What postpartum infection can be transferred between the breast-feeding person and newborn if both are not treated appropriately?
- A. wound infection
- B. urinary tract infection
- C. thrush
- D. mastitis
Correct Answer: C
Rationale: The correct answer is C: thrush. Thrush is a fungal infection caused by Candida that can be transmitted between the breast-feeding person and the newborn if not treated appropriately. The infection can pass back and forth during breastfeeding. Thrush manifests as white patches on the tongue and inside the mouth of the newborn and as nipple pain and redness in the breast-feeding person. Wound infection (A) typically refers to an infection at the site of a surgical incision and is not transmitted between the breast-feeding person and newborn. Urinary tract infection (B) is a bacterial infection of the urinary tract and is not typically transmitted through breastfeeding. Mastitis (D) is a bacterial infection of the breast tissue and is not directly transferred between the breast-feeding person and the newborn.
The nurse is taking the postpartum patient’s vital signs. The newborn is across the room in the bassinet, and the postpartum person refuses to hold the newborn. What should the nurse do?
- A. Call CPS for risk of child abuse
- B. Ask the person if they are feeling depressed, hopeless, afraid, or overwhelmed.
- C. Ask the health-care provider to order an antidepressant.
- D. Discuss how good parents hold and talk to their newborns.
Correct Answer: B
Rationale: Assessing for signs of depression or anxiety is important if a postpartum person is disengaged from their newborn.
A patient delivered vaginally 20 minutes ago. Prophylactic Pitocin is infusing intravenously. During the initial postpartum assessment, the nurse notes a heavy amount of bleeding on the perineal pad. What are the priority nursing actions?
- A. Assess the perineum for lacerations and provide a clean peri-pad and ice pack.
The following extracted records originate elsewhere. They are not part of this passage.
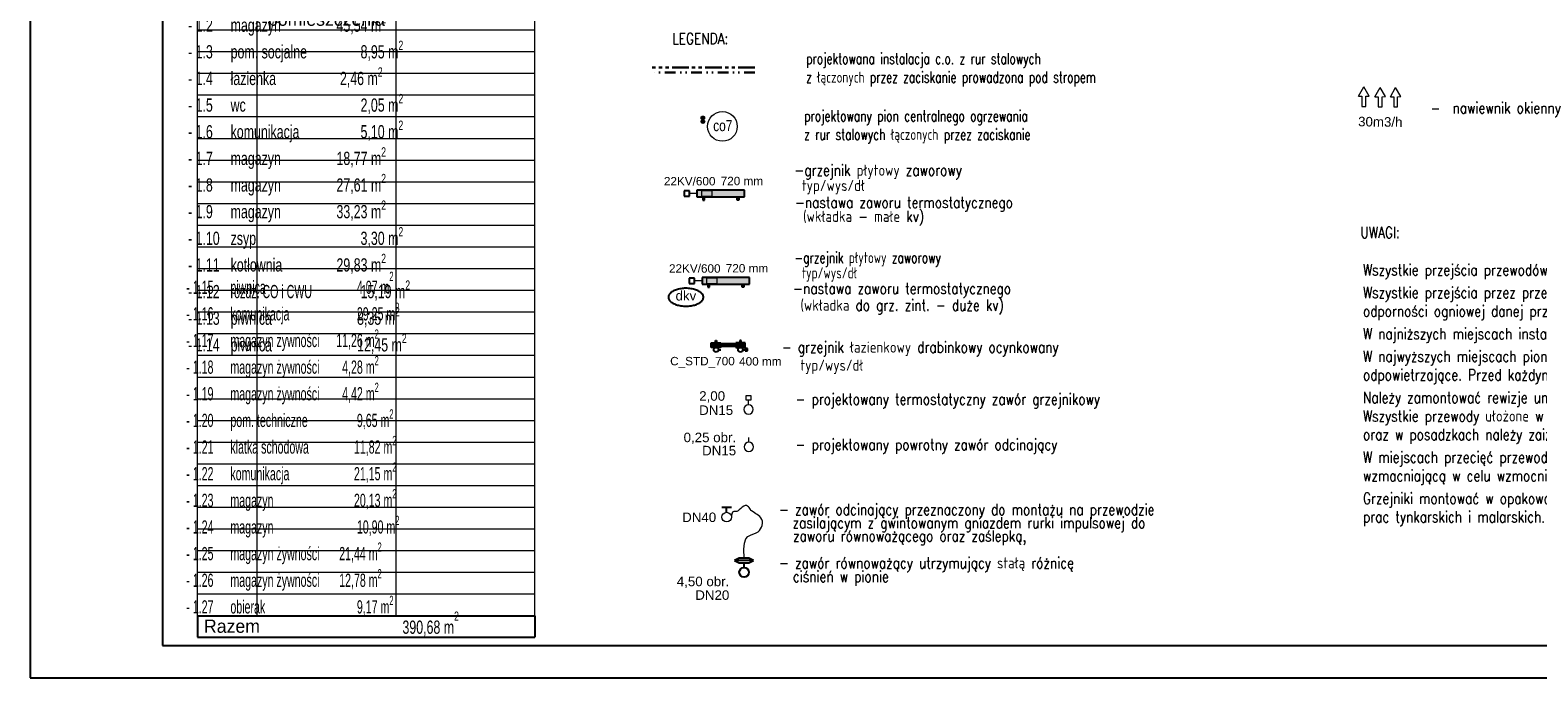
# Model space of a CAD drawing. Header units: millimetres. Extents: x -17429 to 155243, y -2908 to 188569.
# Tile 1 of 113: x -17310 to 11179, y -2908 to 9332. Entities that reach past the tile are written whole.
import ezdxf
from ezdxf.lldxf.tags import DXFTag

# ---------------------------------------------------------------- set-up
doc = ezdxf.new("R2010")
doc.units = ezdxf.units.MM
doc.header["$MEASUREMENT"] = 0
for name, pattern in [('Dashed', [564.444447, 282.222223, -282.222223]), ('DIVIDEX2', [2.5, 1, -0.5, 0, -0.5, 0, -0.5]), ('PHANTOM', [2.5, 1.25, -0.25, 0.25, -0.25, 0.25, -0.25])]:
    doc.linetypes.add(name, pattern=pattern)
doc.layers.get('0').update_dxf_attribs({"lineweight": 5})
for name, color, linetype in [('#op-co', 3, 'Continuous'), ('#opisy', 7, 'Continuous'), ('#podkład', 252, 'Continuous'), ('_TABELA', 7, 'Continuous'), ('IS_Armatura_pod³¹czeniowa_grz._dolnozas.', 7, 'SOLID'), ('IS_Armatura_Therm', 7, 'SOLID'), ('IS_Grafika', 7, 'SOLID'), ('IS_Grzejniki_Plan_rzut', 7, 'SOLID'), ('IS_Powrót', 5, 'DASH'), ('IS_Text_Odbiornikow_Therm', 7, 'Continuous'), ('IS_Zasilanie', 1, 'SOLID')]:
    doc.layers.add(name, color=color, linetype=linetype)
for name, color, linetype, lineweight in [('#piony', 7, 'Continuous', 5), ('Arch opisy_Nr_Pióra__1', 252, 'Continuous', 25), ('Arch opisy_Nr_Pióra__21', 252, 'Continuous', 13)]:
    doc.layers.add(name, color=color, linetype=linetype, lineweight=lineweight)
doc.styles.add('ARIAL', font='arial.ttf', dxfattribs={"width": 0.75})
doc.styles.add('GENERATED_STYLE_4', font='txt')
doc.styles.add('GENERATED_STYLE_6', font='txt')
doc.styles.add('MtXpl_Arial', font='txt', dxfattribs={"height": 0.2})
doc.styles.add('ROMANS', font='romans', dxfattribs={"width": 0.8})
doc.styles.get("Standard").update_dxf_attribs({"font": 'arial.ttf', "bigfont": 'BIGFONT.SHX'})
tags = doc.linetypes.add('DASH', pattern=[15, 10, -5]).pattern_tags.tags
tags[6:7] = [DXFTag(74, 4), DXFTag(75, 0), DXFTag(340, '0'), DXFTag(46, 0.0), DXFTag(50, 0.0), DXFTag(44, 0.0), DXFTag(45, 0.0)]
tags[4:5] = [DXFTag(74, 4), DXFTag(75, 0), DXFTag(340, '0'), DXFTag(46, 0.0), DXFTag(50, 0.0), DXFTag(44, 0.0), DXFTag(45, 0.0)]
tags = doc.linetypes.add('SOLID', pattern=[10, 10, 0]).pattern_tags.tags
tags[6:7] = [DXFTag(74, 4), DXFTag(75, 0), DXFTag(340, '0'), DXFTag(46, 0.0), DXFTag(50, 0.0), DXFTag(44, 0.0), DXFTag(45, 0.0)]
tags[4:5] = [DXFTag(74, 4), DXFTag(75, 0), DXFTag(340, '0'), DXFTag(46, 0.0), DXFTag(50, 0.0), DXFTag(44, 0.0), DXFTag(45, 0.0)]

# ---------------------------------------------------------------- blocks, each defined once
blk = doc.blocks.new('MKJHG')
at = {"layer": 'Arch opisy_Nr_Pióra__1', "color": 252, "linetype": 'Continuous'}
for p, q in [((-27306, 1130), (-27306, 728)), ((-27306, 1130), (-20931, 1130)), ((-20931, 1130), (-20931, 728)), ((-27306, 728), (-20931, 728))]:
    blk.add_line(p, q, dxfattribs=at)
at = {"layer": 'Arch opisy_Nr_Pióra__21', "color": 252, "linetype": 'Continuous'}
for p, q in [((-27306, 1138), (-27306, 13005)), ((-27306, 13005), (-20931, 13005)), ((-26181, 1130), (-26181, 13005)), ((-23556, 1130), (-23556, 13005)), ((-20931, 1130), (-20931, 13005)), ((-27306, 12202), (-20931, 12202)), ((-27306, 11792), (-20931, 11792)), ((-27306, 11382), (-20931, 11382)), ((-27306, 10972), (-20931, 10972)), ((-27306, 10562), (-20931, 10562)), ((-27306, 10152), (-20931, 10152)), ((-27306, 9742), (-20931, 9742)), ((-27306, 9332), (-20931, 9332)), ((-27306, 8922), (-20931, 8922)), ((-27306, 8512), (-20931, 8512)), ((-27306, 8102), (-20931, 8102)), ((-27306, 7692), (-20931, 7692)), ((-27306, 7282), (-20931, 7282)), ((-27306, 6872), (-20931, 6872)), ((-27306, 6462), (-20931, 6462)), ((-27306, 6052), (-20931, 6052)), ((-27306, 5642), (-20931, 5642)), ((-27306, 5232), (-20931, 5232)), ((-27306, 4822), (-20931, 4822)), ((-27306, 4412), (-20931, 4412)), ((-27306, 4002), (-20931, 4002)), ((-27306, 3592), (-20931, 3592)), ((-27306, 3182), (-20931, 3182)), ((-27306, 2772), (-20931, 2772)), ((-27306, 2362), (-20931, 2362)), ((-27306, 1952), (-20931, 1952)), ((-27306, 1542), (-20931, 1542)), ((-27306, 1130), (-20931, 1130))]:
    blk.add_line(p, q, dxfattribs=at)
at = {"layer": 'Arch opisy_Nr_Pióra__1', "color": 252, "linetype": 'Continuous', "char_height": 250.01, "attachment_point": 7, "style": 'GENERATED_STYLE_6'}
for s, insert, width in [('   {\\W0.7;- 1.1^Ihol^I^I      7,52 m{\\H0.7x;\\A1;\\S2^  ;}\\A1;^I\\P   - 1.2^Imagazyn^I^I45,54 m{\\H0.7x;\\S2^  ;}^I\\P   - 1.3^Ipom. socjalne^I       8,95 m{\\H0.7x;\\S2^  ;}^I\\P   - 1.4^Iłazienka^I^I 2,46 m{\\H0.7x;\\S2^  ;}^I\\P   - 1.5^Iwc^I^I       2,05 m{\\H0.7x;\\S2^  ;}^I\\P   - 1.6^Ikomunikacja^I       5,10 m{\\H0.7x;\\S2^  ;}^I\\P   - 1.7^Imagazyn^I^I18,77 m{\\H0.7x;\\S2^  ;}^I\\P   - 1.8^Imagazyn^I^I27,61 m{\\H0.7x;\\S2^  ;}^I\\P   - 1.9^Imagazyn^I^I33,23 m{\\H0.7x;\\S2^  ;}^I\\P   - 1.10^Izsyp^I^I       3,30 m{\\H0.7x;\\S2^  ;}^I\\P   - 1.11^Ikotłownia^I^I29,83 m{\\H0.7x;\\S2^  ;}^I\\P   - 1.12^I\\W0.6;rozdz. CO i CWU\\W0.7;^I       15,19 m{\\H0.7x;\\S2^  ;}^I\\P   - 1.13^Ipiwnica^I^I      8,35 m{\\H0.7x;\\S2^  ;}^I\\P   - 1.14^Ipiwnica^I^I      12,45 m{\\H0.7x;\\S2^  ;}^I}\\A1;^I', (-27682, 6040), 7690.71), ('\\W0.6;   - 1.15^Ipiwnica^I^I       4,07 m{\\H0.7x;\\A1;\\S2^  ;}\\A1;^I\\P   - 1.16^Ikomunikacja^I       29,25 m{\\H0.7x;\\S2^  ;}^I\\P   - 1.17^Imagazyn żywności^I11,26 m{\\H0.7x;\\S2^  ;}^I\\P   - 1.18^Imagazyn żywności^I  4,28 m{\\H0.7x;\\S2^  ;}^I\\P   - 1.19^Imagazyn żywności^I  4,42 m{\\H0.7x;\\S2^  ;}^I\\P   - 1.20^Ipom. techniczne^I       9,65 m{\\H0.7x;\\S2^  ;}^I\\P   - 1.21^Iklatka schodowa^I      11,82 m{\\H0.7x;\\S2^  ;}^I\\P   - 1.22^Ikomunikacja^I      21,15 m{\\H0.7x;\\S2^  ;}^I\\P   - 1.23^Imagazyn^I^I      20,13 m{\\H0.7x;\\S2^  ;}^I\\P   - 1.24^Imagazyn^I^I       10,90 m{\\H0.7x;\\S2^  ;}^I\\P   - 1.25^Imagazyn żywności^I 21,44 m{\\H0.7x;\\S2^  ;}^I\\P   - 1.26^Imagazyn żywności^I 12,78 m{\\H0.7x;\\S2^  ;}^I\\P   - 1.27^Iobierak^I^I       9,17 m{\\H0.7x;\\S2^  ;}^I^I', (-27686, 1088), 8385.91)]:
    blk.add_mtext(s, dxfattribs=dict(at, insert=insert, width=width))
at = {"layer": 'Arch opisy_Nr_Pióra__1', "color": 252, "linetype": 'Continuous', "insert": (-24871, 12204), "char_height": 250.01, "width": 2402.03, "attachment_point": 8, "line_spacing_factor": 0.912199, "style": 'GENERATED_STYLE_4'}
blk.add_mtext('{opis\\Ppomieszczenia}', dxfattribs=at)
at = {"layer": 'Arch opisy_Nr_Pióra__1', "color": 252, "linetype": 'Continuous', "style": 'GENERATED_STYLE_4'}
for s, insert, char_height, attachment_point in [('{L.p.}', (-26741, 12407), 250, 8), ('{pow. użytkowa}', (-22246, 12402), 250.01, 8), (' \\W0.7;390,68 m\\H0.7x;\\A1;\\S2^  ;', (-23528, 743), 250.01, 7), ('{Razem}', (-27186, 805), 250, 7)]:
    blk.add_mtext(s, dxfattribs=dict(at, insert=insert, char_height=char_height, attachment_point=attachment_point))
blk = doc.blocks.new('gfgf')
at = {"layer": '_TABELA', "color": 7}
for p, q in [((-15802, 148063), (-15802, 118363)), ((-13302, 147453), (-13302, 118973)), ((-13302, 118973), (40598, 118973)), ((-15802, 118363), (41198, 118363))]:
    blk.add_line(p, q, dxfattribs=at)
blk = doc.blocks.new('E210168')
at = {"color": 7, "lineweight": 13}
for p, q in [((19.4, 19.8), (19.4, 13.6)), ((19.4, 19.8), (37, 9.9)), ((19.4, 0), (37, 9.9)), ((19.4, 6.2), (19.4, 0))]:
    blk.add_line(p, q, dxfattribs=at)
blk.add_lwpolyline([(19.4, 13.6), (0, 13.6), (0, 6.2), (19.4, 6.2)], dxfattribs=at)

msp = doc.modelspace()

# ---------------------------------------------------------------- hatches: boundary and pattern name
at = {"layer": '#opisy'}
for points in [[(-4439, 3423), (-4262, 3423), (-4262, 3335), (-4439, 3335)], [(-3800, 3423), (-3977, 3423), (-3977, 3335), (-3800, 3335)], [(-3977, 3401), (-4285, 3401), (-4285, 3357), (-3977, 3357)]]:
    msp.add_hatch(color=252, dxfattribs=at).paths.add_polyline_path(points)
at = {"layer": 'IS_Grzejniki_Plan_rzut', "linetype": 'Continuous', "ltscale": 10}
for points in [[(-4711, 6183), (-3811, 6183), (-3811, 6308), (-4711, 6308)], [(-4615, 4534), (-3715, 4534), (-3715, 4659), (-4615, 4659)]]:
    msp.add_hatch(color=252, dxfattribs=at).paths.add_polyline_path(points)

# ---------------------------------------------------------------- linework, layer by layer
at = {"layer": '#opisy'}
for p, q in [((-4439, 3423), (-4262, 3423)), ((-4439, 3335), (-4439, 3423)), ((-4362, 3423), (-4362, 3467)), ((-4362, 3467), (-4339, 3467)), ((-4339, 3467), (-4339, 3423)), ((-4262, 3423), (-4262, 3335)), ((-3800, 3423), (-3977, 3423)), ((-3977, 3423), (-3977, 3335)), ((-3877, 3467), (-3899, 3467)), ((-3899, 3467), (-3899, 3423)), ((-3877, 3423), (-3877, 3467)), ((-3800, 3335), (-3800, 3423)), ((-4262, 3335), (-4439, 3335)), ((-4306, 3291), (-4262, 3291)), ((-3977, 3335), (-3800, 3335)), ((-3844, 3291), (-3800, 3291)), ((-3756, 3313), (-3800, 3313)), ((-3800, 3313), (-3800, 3269)), ((-3800, 3269), (-3756, 3269)), ((-3756, 3269), (-3756, 3313))]:
    msp.add_line(p, q, dxfattribs=at)
at = {"layer": '#opisy', "color": 7}
for p, q in [((-3977, 3401), (-4285, 3401)), ((-4285, 3357), (-3977, 3357))]:
    msp.add_line(p, q, dxfattribs=at)
at = {"layer": '#opisy', "lineweight": 20, "ltscale": 10}
for p, q in [((-3780, 2340), (-3780, 2429)), ((-3780, 2429), (-3692, 2429)), ((-3692, 2340), (-3780, 2340)), ((-3736, 2252), (-3736, 2340)), ((-3692, 2429), (-3692, 2340)), ((-3730, 1544), (-3730, 1632))]:
    msp.add_line(p, q, dxfattribs=at)
at = {"layer": '#opisy', "ltscale": 10}
for p, q in [((-4059, 310), (-4239, 310)), ((-4149, 220), (-4149, 310)), ((-3910, -644), (-4000, -689)), ((-4000, -689), (-3910, -734)), ((-3640, -689), (-4000, -689)), ((-3730, -644), (-3910, -644)), ((-3910, -734), (-3730, -734)), ((-3820, -824), (-3820, -734)), ((-3640, -689), (-3730, -644)), ((-3730, -734), (-3640, -689))]:
    msp.add_line(p, q, dxfattribs=at)
at = {"layer": '#opisy'}
for centre in [(-4350, 3291), (-3888, 3291)]:
    msp.add_ellipse(centre, major_axis=(0, -44.1), ratio=1, dxfattribs=at)
at = {"layer": '#opisy', "lineweight": 20, "ltscale": 10, "extrusion": (0, 0, -1)}
for centre in [(-3736, 2164), (-3730, 1456)]:
    msp.add_ellipse(centre, major_axis=(-88.2, 0), ratio=1, dxfattribs=at)
at = {"layer": '#opisy', "lineweight": 20, "ltscale": 10}
msp.add_ellipse((-4149, 130), major_axis=(90, 0), ratio=1, dxfattribs=at)
at = {"layer": '#opisy', "ltscale": 10}
msp.add_ellipse((-3820, -914), major_axis=(90, 0), ratio=1, dxfattribs=at)
at = {"layer": '#opisy', "lineweight": 20, "ltscale": 10}
msp.add_open_spline([(-3820, -644), (-3860, -128), (-3609, -274), (-3407, 69), (-3693, 259), (-3685, 249), (-3733, 340), (-3822, 365), (-3946, 225), (-3969, 240), (-3987, 233), (-4041, 239), (-4059, 166), (-4059, 130)], degree=3, knots=[0, 0, 0, 0, 39.730993, 52.792638, 88.677204, 147.276398, 221.459445, 303.797208, 387.08612, 464.802022, 532.194106, 589.525329, 648.764856, 648.764856, 648.764856, 648.764856], dxfattribs=at)
at = {"layer": '#piony', "color": 7}
msp.add_circle((-4229, 7513), 280, dxfattribs=at)
at = {"layer": 'IS_Armatura_pod³¹czeniowa_grz._dolnozas.', "color": 7, "linetype": 'Continuous', "lineweight": 20, "ltscale": 10}
for p, q in [((-4423, 6296), (-4623, 6296)), ((-4623, 6296), (-4623, 6196)), ((-4423, 6196), (-4423, 6296)), ((-4623, 6196), (-4423, 6196)), ((-4327, 4647), (-4527, 4647)), ((-4527, 4647), (-4527, 4547)), ((-4327, 4547), (-4327, 4647)), ((-4527, 4547), (-4327, 4547))]:
    msp.add_line(p, q, dxfattribs=at)
at = {"layer": 'IS_Armatura_Therm', "color": 7, "linetype": 'Dashed', "ltscale": 10}
for p, q in [((-4852, 6296), (-4952, 6296)), ((-4952, 6296), (-4952, 6196)), ((-4852, 6196), (-4852, 6296)), ((-4952, 6196), (-4852, 6196)), ((-4755, 4647), (-4855, 4647)), ((-4855, 4647), (-4855, 4547)), ((-4755, 4547), (-4755, 4647)), ((-4855, 4547), (-4755, 4547))]:
    msp.add_line(p, q, dxfattribs=at)
at = {"layer": 'IS_Armatura_Therm', "color": 7, "linetype": 'Continuous', "lineweight": 20, "ltscale": 10}
for p, q in [((-4711, 6246), (-4852, 6246)), ((-4615, 4597), (-4755, 4597))]:
    msp.add_line(p, q, dxfattribs=at)
at = {"layer": 'IS_Grafika', "color": 7}
for points, knots in [([(-4918, 4454), (-4935, 4454), (-4967, 4453), (-5013, 4447), (-5057, 4439), (-5098, 4427), (-5135, 4413), (-5168, 4397), (-5196, 4378), (-5219, 4357), (-5236, 4335), (-5247, 4310), (-5249, 4293), (-5249, 4285)], [0, 0, 0, 0, 4.894746, 9.593459, 14.070318, 18.299405, 22.256676, 25.922722, 29.286934, 32.354005, 35.15393, 37.755543, 40.278576, 40.278576, 40.278576, 40.278576]), ([(-5249, 4285), (-5249, 4276), (-5247, 4259), (-5236, 4235), (-5219, 4212), (-5196, 4192), (-5168, 4173), (-5135, 4156), (-5098, 4142), (-5057, 4131), (-5013, 4122), (-4967, 4117), (-4935, 4116), (-4918, 4116)], [0, 0, 0, 0, 2.523033, 5.124646, 7.924571, 10.991642, 14.355854, 18.0219, 21.979171, 26.208258, 30.685117, 35.38383, 40.278576, 40.278576, 40.278576, 40.278576]), ([(-4587, 4285), (-4587, 4293), (-4590, 4310), (-4601, 4335), (-4618, 4357), (-4641, 4378), (-4669, 4397), (-4702, 4413), (-4739, 4427), (-4779, 4439), (-4823, 4447), (-4870, 4453), (-4902, 4454), (-4918, 4454)], [0, 0, 0, 0, 2.523033, 5.124646, 7.924571, 10.991642, 14.355854, 18.0219, 21.979171, 26.208258, 30.685117, 35.38383, 40.278576, 40.278576, 40.278576, 40.278576]), ([(-4918, 4116), (-4902, 4116), (-4870, 4117), (-4823, 4122), (-4779, 4131), (-4739, 4142), (-4702, 4156), (-4669, 4173), (-4641, 4192), (-4618, 4212), (-4601, 4235), (-4590, 4259), (-4587, 4276), (-4587, 4285)], [0, 0, 0, 0, 4.894746, 9.593459, 14.070318, 18.299405, 22.256676, 25.922722, 29.286934, 32.354005, 35.15393, 37.755543, 40.278576, 40.278576, 40.278576, 40.278576])]:
    msp.add_open_spline(points, degree=3, knots=knots, dxfattribs=at)
at = {"layer": 'IS_Grzejniki_Plan_rzut', "color": 7, "linetype": 'Continuous', "ltscale": 10}
for p, q in [((-3811, 6308), (-4711, 6308)), ((-4711, 6308), (-4711, 6183)), ((-3811, 6183), (-3811, 6308)), ((-4711, 6183), (-3811, 6183)), ((-4602, 6183), (-4602, 6121)), ((-4602, 6121), (-4570, 6121)), ((-4570, 6121), (-4570, 6183)), ((-3952, 6121), (-3952, 6183)), ((-3920, 6121), (-3952, 6121)), ((-3920, 6183), (-3920, 6121)), ((-3715, 4659), (-4615, 4659)), ((-4615, 4659), (-4615, 4534)), ((-3715, 4534), (-3715, 4659)), ((-4615, 4534), (-3715, 4534)), ((-4505, 4534), (-4505, 4472)), ((-4505, 4472), (-4474, 4472)), ((-4474, 4472), (-4474, 4534)), ((-3855, 4472), (-3855, 4534)), ((-3824, 4472), (-3855, 4472)), ((-3824, 4534), (-3824, 4472))]:
    msp.add_line(p, q, dxfattribs=at)
at = {"layer": 'IS_Powrót', "color": 5, "linetype": 'DIVIDEX2', "lineweight": 30, "ltscale": 200}
msp.add_line((-3617, 8529), (-5555, 8529), dxfattribs=at)
at = {"layer": 'IS_Powrót', "color": 5, "lineweight": 0, "ltscale": 20}
msp.add_circle((-4598, 7604), 34.1, dxfattribs=at)
at = {"layer": 'IS_Powrót', "color": 5, "lineweight": 30, "ltscale": 20}
msp.add_circle((-4598, 7604), 22.1, dxfattribs=at)
at = {"layer": 'IS_Zasilanie', "color": 1, "linetype": 'PHANTOM', "lineweight": 30, "ltscale": 250}
msp.add_line((-3617, 8629), (-5555, 8629), dxfattribs=at)
at = {"layer": 'IS_Zasilanie', "color": 1, "linetype": 'PHANTOM', "lineweight": 0, "ltscale": 250}
msp.add_circle((-4599, 7673), 34.1, dxfattribs=at)
at = {"layer": 'IS_Zasilanie', "color": 1, "linetype": 'PHANTOM', "lineweight": 30, "ltscale": 250}
msp.add_circle((-4599, 7673), 22.1, dxfattribs=at)

# ---------------------------------------------------------------- block references
at = {"layer": '#podkład'}
msp.add_blockref('MKJHG', (13160, -2865), dxfattribs=at)
msp.add_blockref('gfgf', (-1508, -121272))
at = {"color": 7, "lineweight": 5, "xscale": 10, "yscale": 10, "zscale": 10, "rotation": 90.09664922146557}
for p in [(7989, 7891), (8299, 7881), (8591, 7881)]:
    msp.add_blockref('E210168', p, dxfattribs=at)

# ---------------------------------------------------------------- texts
at = {"layer": '#op-co', "color": 7, "style": 'ROMANS', "width": 0.8}
msp.add_text('LEGENDA:', height=210, dxfattribs=at).set_placement((-5177, 9067))
at = {"layer": '#opisy', "lineweight": -3, "style": 'ROMANS', "width": 0.8}
for s, p in [('-  nawiewnik okienny', (9150, 7758)), ('UWAGI:', (7827, 5404)), ('- grzejnik łazienkowy drabinkowy ocynkowany', (-3107, 3237)), ('typ/wys/dł', (-2755, 2896)), ('- projektowany termostatyczny zawór grzejnikowy', (-2847, 2253)), ('- projektowany powrotny zawór odcinający', (-2847, 1396)), ('- zawór odcinający przeznaczony do montażu na przewodzie', (-3158, 169)), (' zasilającym z gwintowanym gniazdem rurki impulsowej do ', (-3019, -82)), ('zaworu równoważącego oraz zaślepką,', (-2894, -332)), ('- zawór równoważący utrzymujący stałą różnicę ', (-3158, -840)), ('ciśnień w pionie', (-2899, -1098))]:
    msp.add_text(s, height=210, dxfattribs=at).set_placement(p)
at = {"layer": '#opisy', "color": 7, "lineweight": 0, "style": 'ARIAL'}
msp.add_text('30m3/h', height=180, rotation=359.2172, dxfattribs=at).set_placement((7781, 7515, 140))
at = {"layer": '#opisy', "color": 7, "linetype": 'Continuous', "lineweight": 0, "style": 'ROMANS', "width": 0.8}
for s, p in [('-grzejnik płytowy zaworowy', (-2868, 6581)), ('typ/wys/dł', (-2726, 6293)), ('-nastawa zaworu termostatycznego', (-2858, 5973)), ('(wkładka - małe kv)', (-2705, 5708))]:
    msp.add_text(s, height=210, dxfattribs=at).set_placement(p)
at = {"layer": '#opisy', "color": 7, "style": 'ROMANS', "width": 0.7}
for s, p in [('-grzejnik płytowy zaworowy', (-2868, 4929)), ('typ/wys/dł', (-2726, 4641))]:
    msp.add_text(s, height=210, dxfattribs=at).set_placement(p)
at = {"layer": '#opisy', "color": 7, "linetype": 'Continuous', "lineweight": 0, "char_height": 210, "width": 6584.28, "attachment_point": 1}
for s, insert in [('\\Fromans|c238;\\W0.8; \\P\\W0.7;projektowana instalacja c.o. z rur stalowych\\Pz łączonych przez zaciskanie prowadzona pod stropem', (-2649, 9249)), ('\\C7;\\Fromans.shx|c238;\\W0.8; \\P\\W0.7;projektowany pion centralnego ogrzewania\\Pz rur stalowych łączonych przez zaciskanie ', (-2685, 8167))]:
    msp.add_mtext(s, dxfattribs=dict(at, insert=insert))
at = {"layer": '#opisy', "lineweight": -3, "insert": (7874, 4907), "char_height": 210, "width": 12063.14, "attachment_point": 1, "style": 'ROMANS'}
msp.add_mtext('Wszystkie przejścia przewodów instalacji c.o. należy wykonać w tulejach ochronnych z tworzywa sztucznego.\\P\\H0.22222x;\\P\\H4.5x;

- B. Assess the fundus and massage the uterus to determine uterine tone and location.
- C. Assess to see if the bladder is full and place an indwelling urinary catheter.
- D. Assess for clots, determine if this is a normal amount, and provide privacy during a pad change.
Correct Answer: B
Rationale: The correct answer is B. Assess the fundus and massage the uterus to determine uterine tone and location. This is the priority action because heavy bleeding postpartum could indicate uterine atony, a common cause of postpartum hemorrhage. By assessing the fundus and massaging the uterus, the nurse can determine if the uterus is firm and well contracted, which helps to control bleeding. Other choices are incorrect as they do not address the immediate concern of uterine atony. Choice A focuses on the perineum and does not address the potential cause of bleeding. Choice C addresses bladder fullness, which is important but not as urgent as assessing for uterine atony. Choice D focuses on clots and privacy but does not address the primary concern of uterine tone.